Welcome to MACH Acoustics Blog!

4th August 2010Architecture, Construction, Eco Buildings, Exhaust Stacks, Sustainable Acoustics, Ventilation Systems

The aim of MACH Acoustics is to become one of the leading acoustic consultants in the field of sustainable building design. This aim means that we specifically focus on projects around sustainable architecture and Eco buildings. A considerable portion of our time is therefore spent looking to solve some of the conflicts between acoustics and low carbon, sustainable constructions.

Acoustics and sustainability are not often spoken about together. On the other hand, air conditioning systems are often used to overcome noise ingress issues. Thermal mass cooling; exposed concrete soffits for example, can make buildings sound loud, harsh and noisy. Cross ventilation, exhaust stacks and other air ventilation systems can compromise the acoustic cross talk between office buildings accommodation and teaching spaces within educational buildings. Vented facades in combination with ventilation louvers and other types of air ventilation systems within the fenestrations of a building are often used to prevent noise ingress. Buildings are often built using high mass structures to achieve acoustic requirements.

These factors clearly show the link between acoustics and sustainability. Acoustics can therefore have a significant impact upon the levels of carbon emissions, ventilation system and the level of embodied energy in the buildings frame and other factors affecting the sustainable architecture of a given building. With changes to Building Control Documents Part L and Part E, along with new client expectations, there is an increasing importance to ensure that building designs become more integrated and greener.

MACH Acoustics view is that the best way to overcome the limitations imposed by acoustics on sustainable buildings is to increase our knowledge base.
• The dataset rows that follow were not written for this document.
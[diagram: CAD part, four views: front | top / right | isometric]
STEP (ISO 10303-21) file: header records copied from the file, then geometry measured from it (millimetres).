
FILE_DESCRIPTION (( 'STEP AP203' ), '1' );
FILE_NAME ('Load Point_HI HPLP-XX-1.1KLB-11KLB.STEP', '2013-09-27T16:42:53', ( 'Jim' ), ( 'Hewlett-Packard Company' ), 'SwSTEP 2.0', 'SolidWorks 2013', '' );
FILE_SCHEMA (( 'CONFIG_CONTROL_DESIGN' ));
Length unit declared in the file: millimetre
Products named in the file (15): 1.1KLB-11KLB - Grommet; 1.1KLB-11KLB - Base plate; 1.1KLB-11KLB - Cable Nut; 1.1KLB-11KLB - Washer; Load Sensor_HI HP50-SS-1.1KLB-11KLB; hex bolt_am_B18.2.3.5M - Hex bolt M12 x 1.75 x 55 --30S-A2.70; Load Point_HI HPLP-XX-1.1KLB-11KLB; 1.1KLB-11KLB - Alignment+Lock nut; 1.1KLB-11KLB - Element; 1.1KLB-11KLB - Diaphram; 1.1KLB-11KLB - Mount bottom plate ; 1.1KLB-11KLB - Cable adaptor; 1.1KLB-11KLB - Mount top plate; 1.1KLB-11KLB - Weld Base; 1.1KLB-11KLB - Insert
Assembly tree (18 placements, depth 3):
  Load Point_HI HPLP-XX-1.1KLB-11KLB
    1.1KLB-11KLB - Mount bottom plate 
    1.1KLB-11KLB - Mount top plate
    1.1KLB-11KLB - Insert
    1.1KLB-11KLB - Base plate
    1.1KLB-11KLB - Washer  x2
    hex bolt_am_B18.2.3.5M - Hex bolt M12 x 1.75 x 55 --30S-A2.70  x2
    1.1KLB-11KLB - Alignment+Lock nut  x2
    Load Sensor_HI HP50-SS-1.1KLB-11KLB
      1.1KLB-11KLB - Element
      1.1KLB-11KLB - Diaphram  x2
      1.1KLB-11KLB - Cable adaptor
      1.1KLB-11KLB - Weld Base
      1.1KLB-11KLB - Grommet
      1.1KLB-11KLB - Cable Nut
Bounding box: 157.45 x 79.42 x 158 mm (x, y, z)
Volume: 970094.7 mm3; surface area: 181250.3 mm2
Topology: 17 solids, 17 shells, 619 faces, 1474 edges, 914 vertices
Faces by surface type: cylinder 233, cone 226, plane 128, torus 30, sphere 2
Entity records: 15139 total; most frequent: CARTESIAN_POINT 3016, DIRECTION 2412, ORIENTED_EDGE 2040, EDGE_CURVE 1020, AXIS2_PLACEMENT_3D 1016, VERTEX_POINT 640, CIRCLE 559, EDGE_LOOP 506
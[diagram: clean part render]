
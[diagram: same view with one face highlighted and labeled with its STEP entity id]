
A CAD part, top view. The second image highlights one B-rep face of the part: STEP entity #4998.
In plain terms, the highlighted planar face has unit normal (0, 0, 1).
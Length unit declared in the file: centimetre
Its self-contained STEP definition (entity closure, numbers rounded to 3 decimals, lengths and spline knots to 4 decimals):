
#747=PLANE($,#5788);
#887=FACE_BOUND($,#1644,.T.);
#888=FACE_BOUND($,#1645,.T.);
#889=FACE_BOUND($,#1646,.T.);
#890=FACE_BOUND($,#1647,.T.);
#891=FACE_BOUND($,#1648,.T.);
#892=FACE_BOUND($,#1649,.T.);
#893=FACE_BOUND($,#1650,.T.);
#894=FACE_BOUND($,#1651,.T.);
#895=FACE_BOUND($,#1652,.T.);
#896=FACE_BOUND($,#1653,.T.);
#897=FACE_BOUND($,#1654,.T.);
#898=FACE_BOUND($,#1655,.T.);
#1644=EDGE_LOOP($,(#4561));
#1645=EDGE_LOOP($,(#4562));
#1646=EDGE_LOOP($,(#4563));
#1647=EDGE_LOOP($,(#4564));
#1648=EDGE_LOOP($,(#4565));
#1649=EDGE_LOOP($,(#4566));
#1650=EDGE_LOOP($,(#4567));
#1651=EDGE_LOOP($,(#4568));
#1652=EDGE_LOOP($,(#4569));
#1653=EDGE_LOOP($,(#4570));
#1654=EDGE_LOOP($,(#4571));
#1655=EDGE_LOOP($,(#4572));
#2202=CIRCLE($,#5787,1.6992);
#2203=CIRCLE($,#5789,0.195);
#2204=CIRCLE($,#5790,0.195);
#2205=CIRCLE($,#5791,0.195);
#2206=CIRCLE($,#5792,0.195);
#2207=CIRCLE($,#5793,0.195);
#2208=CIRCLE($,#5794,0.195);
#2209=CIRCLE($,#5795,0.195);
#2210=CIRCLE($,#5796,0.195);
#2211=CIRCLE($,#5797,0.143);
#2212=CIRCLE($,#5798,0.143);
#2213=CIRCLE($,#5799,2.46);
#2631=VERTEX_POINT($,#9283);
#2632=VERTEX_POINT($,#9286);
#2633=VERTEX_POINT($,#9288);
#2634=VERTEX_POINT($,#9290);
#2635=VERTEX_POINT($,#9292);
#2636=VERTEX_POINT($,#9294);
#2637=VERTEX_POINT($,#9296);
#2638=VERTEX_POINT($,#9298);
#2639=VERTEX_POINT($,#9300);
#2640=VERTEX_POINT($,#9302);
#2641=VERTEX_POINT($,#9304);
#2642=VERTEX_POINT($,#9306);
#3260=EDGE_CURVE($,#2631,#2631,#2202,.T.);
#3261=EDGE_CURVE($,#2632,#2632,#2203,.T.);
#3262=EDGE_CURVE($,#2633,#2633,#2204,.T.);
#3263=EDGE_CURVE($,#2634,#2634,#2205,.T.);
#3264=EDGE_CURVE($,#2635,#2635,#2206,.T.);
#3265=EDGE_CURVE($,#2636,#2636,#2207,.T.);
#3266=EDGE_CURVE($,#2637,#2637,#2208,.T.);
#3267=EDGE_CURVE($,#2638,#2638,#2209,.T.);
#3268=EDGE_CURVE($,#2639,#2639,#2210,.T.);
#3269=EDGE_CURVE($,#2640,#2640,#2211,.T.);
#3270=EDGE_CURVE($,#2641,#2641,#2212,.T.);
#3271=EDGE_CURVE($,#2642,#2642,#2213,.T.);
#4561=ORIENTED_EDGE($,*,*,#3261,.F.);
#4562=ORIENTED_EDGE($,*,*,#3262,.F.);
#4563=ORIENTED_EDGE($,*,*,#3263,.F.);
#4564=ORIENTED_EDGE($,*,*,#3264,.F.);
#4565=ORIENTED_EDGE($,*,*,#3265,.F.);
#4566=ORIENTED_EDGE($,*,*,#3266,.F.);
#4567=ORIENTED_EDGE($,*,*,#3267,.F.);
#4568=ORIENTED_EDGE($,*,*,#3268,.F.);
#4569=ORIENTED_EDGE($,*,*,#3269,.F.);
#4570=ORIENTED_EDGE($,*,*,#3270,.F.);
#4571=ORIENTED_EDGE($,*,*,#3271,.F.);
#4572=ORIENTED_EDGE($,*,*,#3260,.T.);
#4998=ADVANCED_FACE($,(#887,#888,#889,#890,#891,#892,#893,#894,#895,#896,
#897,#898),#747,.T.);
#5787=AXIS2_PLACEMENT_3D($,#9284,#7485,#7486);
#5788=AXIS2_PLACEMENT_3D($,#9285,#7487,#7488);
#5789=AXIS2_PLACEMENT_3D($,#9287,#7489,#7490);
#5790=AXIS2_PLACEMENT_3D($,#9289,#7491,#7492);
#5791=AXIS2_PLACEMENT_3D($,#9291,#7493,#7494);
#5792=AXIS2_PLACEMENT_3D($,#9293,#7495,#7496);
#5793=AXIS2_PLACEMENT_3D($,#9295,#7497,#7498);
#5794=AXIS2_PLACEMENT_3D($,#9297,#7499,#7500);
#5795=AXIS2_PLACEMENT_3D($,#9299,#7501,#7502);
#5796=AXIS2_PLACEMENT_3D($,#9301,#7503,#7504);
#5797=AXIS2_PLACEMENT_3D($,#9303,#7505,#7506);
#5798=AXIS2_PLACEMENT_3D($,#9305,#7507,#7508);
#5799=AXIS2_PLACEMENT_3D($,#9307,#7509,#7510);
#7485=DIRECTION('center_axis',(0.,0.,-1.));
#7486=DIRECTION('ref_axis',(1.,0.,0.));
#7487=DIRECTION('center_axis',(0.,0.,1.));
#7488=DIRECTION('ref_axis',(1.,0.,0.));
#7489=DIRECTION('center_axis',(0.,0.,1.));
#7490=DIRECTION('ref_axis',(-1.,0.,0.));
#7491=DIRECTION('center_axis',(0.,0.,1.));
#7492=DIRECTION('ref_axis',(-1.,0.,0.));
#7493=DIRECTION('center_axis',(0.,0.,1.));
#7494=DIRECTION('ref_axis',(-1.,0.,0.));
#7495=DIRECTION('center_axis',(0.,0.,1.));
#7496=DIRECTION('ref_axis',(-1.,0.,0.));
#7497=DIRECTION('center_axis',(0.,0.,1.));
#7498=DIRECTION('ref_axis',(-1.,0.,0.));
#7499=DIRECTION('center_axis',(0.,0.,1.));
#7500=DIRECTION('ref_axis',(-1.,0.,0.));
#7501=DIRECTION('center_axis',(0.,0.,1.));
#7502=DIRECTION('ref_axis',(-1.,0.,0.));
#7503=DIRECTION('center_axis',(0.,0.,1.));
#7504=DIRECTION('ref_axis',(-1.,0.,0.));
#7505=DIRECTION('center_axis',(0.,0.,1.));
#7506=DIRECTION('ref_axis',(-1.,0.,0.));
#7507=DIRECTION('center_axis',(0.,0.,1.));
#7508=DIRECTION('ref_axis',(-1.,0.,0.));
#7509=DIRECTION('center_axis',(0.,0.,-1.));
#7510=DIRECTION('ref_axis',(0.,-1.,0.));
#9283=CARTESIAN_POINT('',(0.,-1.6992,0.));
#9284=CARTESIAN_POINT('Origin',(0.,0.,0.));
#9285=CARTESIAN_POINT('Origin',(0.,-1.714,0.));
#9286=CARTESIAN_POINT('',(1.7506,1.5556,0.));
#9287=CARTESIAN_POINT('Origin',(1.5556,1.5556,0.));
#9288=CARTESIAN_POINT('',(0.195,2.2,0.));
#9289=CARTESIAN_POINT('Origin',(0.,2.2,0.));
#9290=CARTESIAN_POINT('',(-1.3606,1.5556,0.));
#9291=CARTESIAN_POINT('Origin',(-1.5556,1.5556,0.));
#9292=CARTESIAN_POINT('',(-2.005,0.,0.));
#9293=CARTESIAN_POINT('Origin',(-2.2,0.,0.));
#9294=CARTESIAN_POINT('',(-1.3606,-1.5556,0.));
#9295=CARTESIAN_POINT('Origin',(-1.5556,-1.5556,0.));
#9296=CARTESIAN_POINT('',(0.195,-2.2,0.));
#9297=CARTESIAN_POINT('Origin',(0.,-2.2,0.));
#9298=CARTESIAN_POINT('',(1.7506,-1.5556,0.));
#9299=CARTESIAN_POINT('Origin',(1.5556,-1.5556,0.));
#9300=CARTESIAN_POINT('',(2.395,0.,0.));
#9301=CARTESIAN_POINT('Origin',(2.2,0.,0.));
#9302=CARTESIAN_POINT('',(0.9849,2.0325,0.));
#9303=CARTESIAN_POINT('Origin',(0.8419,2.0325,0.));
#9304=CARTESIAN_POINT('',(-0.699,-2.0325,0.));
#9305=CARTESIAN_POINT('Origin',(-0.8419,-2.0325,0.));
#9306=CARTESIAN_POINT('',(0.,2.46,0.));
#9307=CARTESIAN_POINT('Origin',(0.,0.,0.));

This simple goal is therefore the aim of this blog. We aim to provide a point of reference where detailed information will be regularly uploaded relating to residential buildings and the code for sustainable homes. We will be looking at Eco buildings and acoustic materials which match requirements for sustainable building design. Ventilation systems including vented facades, acoustic ventilation louvers, attenuators within facades, passive house systems, heat recovery systems, exhaust stacks and other air ventilation system will be discussed over time.